When you first told me it would be nice to have me on the project, I thought I had no original story to tell. Giving it a thought, I do have my own story with my past struggles. What I want to talk about is the needed quest to mental health. Of course this is a topic much talked about nowadays and some public figures stand up for to raise awareness. However I feel that many people are still dreaded by the idea of having an appointment with a shrink or just talking about their feelings to a close friend or member of their family.

For me it all started in two steps with two different phases of shrink appointments and depression. As a kid, I had talent at school. I learned very fast and skipped a year at a very young age. I was considered as a dork by my classmates, a dork whom you could make fun of. I had no resilience due to my younger age to defend myself. I got depressed at the age of 10 because of that. Of course it didn’t get much better during teenage years. But still I guess I am not the only thing who faced this kind of situation. One of the ways I got some respect from my classmates was after I kissed a girl at a party when I was 14. 

A couple of years later, some guys were hitting on me. I was attracted by the idea of kissing boys too. When it went further than just a kiss I wasn’t sure if I liked it or not. I couldn’t bear the looks of others when I went to drink with a guy on a date. It was mostly in my head. When I came out to my friends months or years later depending on who, nobody said anything mean.

During the months that would decide whether my results would be good enough to be accepted in a renowned university in Paris, my mum stopped working for some months. She was in a burnout. At that time, that expression wasn’t used. She was clearly depressed and it affected me a lot. 
Later at university, after a couple of months in Paris, I had a breakdown myself. I had my first and only girlfriend at the age of 17. I felt overwhelmed but not in a good way. I was trying to live on my own in a huge city I didn’t know. My classmates came mostly from a social status that I didn’t have. I couldn’t cope with the studies. I knew I was gay and my girlfriend knew I was attracted to boys too. I let her go in a traumatic way.

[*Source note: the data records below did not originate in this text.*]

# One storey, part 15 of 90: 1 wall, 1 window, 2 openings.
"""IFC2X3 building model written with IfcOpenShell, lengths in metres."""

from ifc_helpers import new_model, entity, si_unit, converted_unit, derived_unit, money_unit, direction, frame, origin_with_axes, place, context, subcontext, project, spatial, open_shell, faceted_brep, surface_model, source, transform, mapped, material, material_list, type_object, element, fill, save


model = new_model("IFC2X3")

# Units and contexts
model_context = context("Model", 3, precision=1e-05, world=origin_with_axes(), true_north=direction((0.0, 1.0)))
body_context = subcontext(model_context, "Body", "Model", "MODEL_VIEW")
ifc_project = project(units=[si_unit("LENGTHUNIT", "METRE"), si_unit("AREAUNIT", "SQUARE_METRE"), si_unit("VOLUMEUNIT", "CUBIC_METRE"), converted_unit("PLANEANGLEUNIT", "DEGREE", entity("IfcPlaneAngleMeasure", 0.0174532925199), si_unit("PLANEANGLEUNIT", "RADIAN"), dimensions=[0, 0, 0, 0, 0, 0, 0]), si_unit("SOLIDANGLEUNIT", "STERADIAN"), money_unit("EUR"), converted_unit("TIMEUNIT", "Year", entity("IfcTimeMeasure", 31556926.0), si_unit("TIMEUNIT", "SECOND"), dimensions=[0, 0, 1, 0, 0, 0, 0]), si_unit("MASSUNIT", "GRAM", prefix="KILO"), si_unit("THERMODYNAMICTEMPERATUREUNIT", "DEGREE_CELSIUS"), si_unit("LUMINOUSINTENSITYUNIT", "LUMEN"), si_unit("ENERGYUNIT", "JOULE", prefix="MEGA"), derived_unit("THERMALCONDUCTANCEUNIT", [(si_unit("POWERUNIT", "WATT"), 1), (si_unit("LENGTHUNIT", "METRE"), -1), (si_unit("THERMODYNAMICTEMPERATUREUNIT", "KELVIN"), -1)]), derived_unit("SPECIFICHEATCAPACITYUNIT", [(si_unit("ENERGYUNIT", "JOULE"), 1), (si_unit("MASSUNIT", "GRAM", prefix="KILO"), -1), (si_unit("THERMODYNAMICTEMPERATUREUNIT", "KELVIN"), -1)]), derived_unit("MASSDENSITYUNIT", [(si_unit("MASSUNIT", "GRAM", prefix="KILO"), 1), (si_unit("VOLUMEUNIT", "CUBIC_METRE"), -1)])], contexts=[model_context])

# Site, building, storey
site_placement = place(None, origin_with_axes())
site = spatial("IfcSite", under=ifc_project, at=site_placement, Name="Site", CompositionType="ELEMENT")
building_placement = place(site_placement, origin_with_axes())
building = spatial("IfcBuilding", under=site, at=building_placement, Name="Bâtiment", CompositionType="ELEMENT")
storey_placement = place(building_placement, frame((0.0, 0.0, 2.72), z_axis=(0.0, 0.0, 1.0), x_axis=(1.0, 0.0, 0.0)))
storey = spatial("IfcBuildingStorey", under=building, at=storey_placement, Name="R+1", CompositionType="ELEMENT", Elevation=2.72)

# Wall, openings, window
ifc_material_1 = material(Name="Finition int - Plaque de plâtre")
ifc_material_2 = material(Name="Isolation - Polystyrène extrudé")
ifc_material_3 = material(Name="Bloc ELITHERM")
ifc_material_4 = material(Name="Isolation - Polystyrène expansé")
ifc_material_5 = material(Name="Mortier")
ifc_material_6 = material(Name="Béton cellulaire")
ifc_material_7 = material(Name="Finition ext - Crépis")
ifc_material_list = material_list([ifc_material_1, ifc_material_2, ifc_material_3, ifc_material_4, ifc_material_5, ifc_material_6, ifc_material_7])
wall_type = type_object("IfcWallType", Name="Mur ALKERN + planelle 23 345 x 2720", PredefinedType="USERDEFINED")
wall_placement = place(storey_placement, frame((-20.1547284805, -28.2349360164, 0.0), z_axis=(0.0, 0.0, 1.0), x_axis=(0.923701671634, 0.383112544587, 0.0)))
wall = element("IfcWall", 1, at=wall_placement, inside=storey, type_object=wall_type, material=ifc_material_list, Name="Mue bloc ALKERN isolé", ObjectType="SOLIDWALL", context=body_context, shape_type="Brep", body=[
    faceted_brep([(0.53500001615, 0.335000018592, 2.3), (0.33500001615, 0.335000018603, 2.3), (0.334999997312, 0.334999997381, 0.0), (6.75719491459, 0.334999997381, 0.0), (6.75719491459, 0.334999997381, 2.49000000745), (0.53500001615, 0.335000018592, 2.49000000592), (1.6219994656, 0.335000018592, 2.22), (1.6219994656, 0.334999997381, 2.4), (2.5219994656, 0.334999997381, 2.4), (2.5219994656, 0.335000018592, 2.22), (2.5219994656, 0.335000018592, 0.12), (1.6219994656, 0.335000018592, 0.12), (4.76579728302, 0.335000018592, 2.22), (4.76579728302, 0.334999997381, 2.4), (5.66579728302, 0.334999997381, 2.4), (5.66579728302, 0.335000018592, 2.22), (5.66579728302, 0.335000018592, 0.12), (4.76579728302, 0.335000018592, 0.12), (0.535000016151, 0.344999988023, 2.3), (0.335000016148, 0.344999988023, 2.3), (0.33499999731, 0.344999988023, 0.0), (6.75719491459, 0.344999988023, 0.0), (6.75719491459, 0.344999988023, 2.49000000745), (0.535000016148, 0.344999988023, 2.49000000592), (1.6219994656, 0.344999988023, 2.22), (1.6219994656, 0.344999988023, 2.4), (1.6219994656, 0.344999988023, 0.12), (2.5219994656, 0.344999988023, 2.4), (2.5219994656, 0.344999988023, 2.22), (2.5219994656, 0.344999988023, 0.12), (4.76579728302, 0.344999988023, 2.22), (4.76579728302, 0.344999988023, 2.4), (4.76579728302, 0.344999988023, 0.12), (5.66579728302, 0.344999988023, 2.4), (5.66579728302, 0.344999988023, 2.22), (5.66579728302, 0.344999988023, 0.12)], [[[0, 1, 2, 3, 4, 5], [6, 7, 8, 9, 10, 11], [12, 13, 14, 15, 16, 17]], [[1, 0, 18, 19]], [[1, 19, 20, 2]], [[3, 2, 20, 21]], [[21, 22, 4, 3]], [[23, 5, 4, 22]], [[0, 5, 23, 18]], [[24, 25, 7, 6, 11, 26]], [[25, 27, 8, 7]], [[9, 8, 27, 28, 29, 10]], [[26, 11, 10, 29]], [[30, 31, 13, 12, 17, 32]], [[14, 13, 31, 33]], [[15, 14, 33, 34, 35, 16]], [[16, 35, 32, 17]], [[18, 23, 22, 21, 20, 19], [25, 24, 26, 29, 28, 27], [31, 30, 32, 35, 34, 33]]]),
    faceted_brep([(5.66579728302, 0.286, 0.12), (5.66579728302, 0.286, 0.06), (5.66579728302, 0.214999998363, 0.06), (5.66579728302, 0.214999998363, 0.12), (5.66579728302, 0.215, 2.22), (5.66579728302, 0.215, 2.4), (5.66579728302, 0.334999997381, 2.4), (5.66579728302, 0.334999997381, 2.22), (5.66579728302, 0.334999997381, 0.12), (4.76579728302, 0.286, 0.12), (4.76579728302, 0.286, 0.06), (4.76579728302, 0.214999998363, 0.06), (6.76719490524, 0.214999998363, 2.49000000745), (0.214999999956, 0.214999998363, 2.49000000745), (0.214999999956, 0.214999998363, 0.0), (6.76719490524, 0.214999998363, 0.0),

I fainted in class one morning due to continuous lack of sleep during the previous nights. I was brought to an hospital and, long story short, missed 3 months of classes, went back to my parents in the countryside, lost a grandmother, a grandfather and an uncle during this time span. My 18th birthday was the worst birthday I ever had. I cried all day and couldn’t sleep the night before.

I got help medically and since then my life got better luckily. When I went back to university, I was finally with people of the same age as me. I met a great girl who understood quickly I was gay. We didn’t let each other down during all these university years. I had my first boyfriends. I didn’t try to be the best in class. I did what I was supposed to do to get my degrees and the anxiety slowly faded until my mum tried to commit suicide.

It all came as a surprise. I was in a relationship for 2 years. We met in Paris and he left for Brussels but we stayed somehow together. When he was visiting me in Paris, I got a call from my sister telling me my mum tried to kill herself. I always knew she had issues. But this was an horrendous shock. At that time, I didn’t feel at ease telling people around me why I was clearly sad. She got treatment. But one year later when I was about to finish my master and decided to move to Brussels to be with my boyfriend, she did it again. I was upset. I still moved to Brussels. 

In the early years in Brussels, I faced some challenges. One was the first job I had. The other was the break up with the boyfriend I moved here for. That 1st job was horrible. Colleagues were literally smoking IN the office. I was given instructions from 15 different employees. They were giving me tasks that they didn’t want to do and had no clue how to do anyway so I couldn’t be properly trained. It put me into a really terrible state. I was wise enough to quit after 5 months.

A year later I had to find a new place to live on my own as my boyfriend and I decided to break up. That marked a turn around in my life. At first I felt very lonely and lost most of the people I was confiding in. I had to make new friends again. My problem too at the time was that I didn’t enjoy the time I had alone. I felt a lot of anxiety. Luckily I got a permanent contract in the company I was hired at later. I could plan some holidays finally. I got extra money, learned what made me happy such as travelling, going regularly to concerts, playing tennis and so on. Through these activities I made those new friends.

Now it’s been 8 years that I live here. My life has changed a lot. I am 30. I don’t describe myself as an anxious person anymore. I learned what resilience is. I know what makes me happy. The cards are falling in the right place. I have a job and colleagues that I like. I have a circle of friends which make me feel it’s unthinkable to leave Brussels. I even became Belgian too. And I met a guy that I fell in love with and loves me back. Still I believe that I could seek help even when all is fine. I am not in full control and that’s perfectly normal. Insecurities make you happy in a certain way. I know my limits.

Mental health is something that we should all be concerned about. From the needed medical help to just talking to someone close. I see many people around me that feel helpless about a lot of things. It should not be like this. You should always have someone to talk too. You should always be able to reach out for help.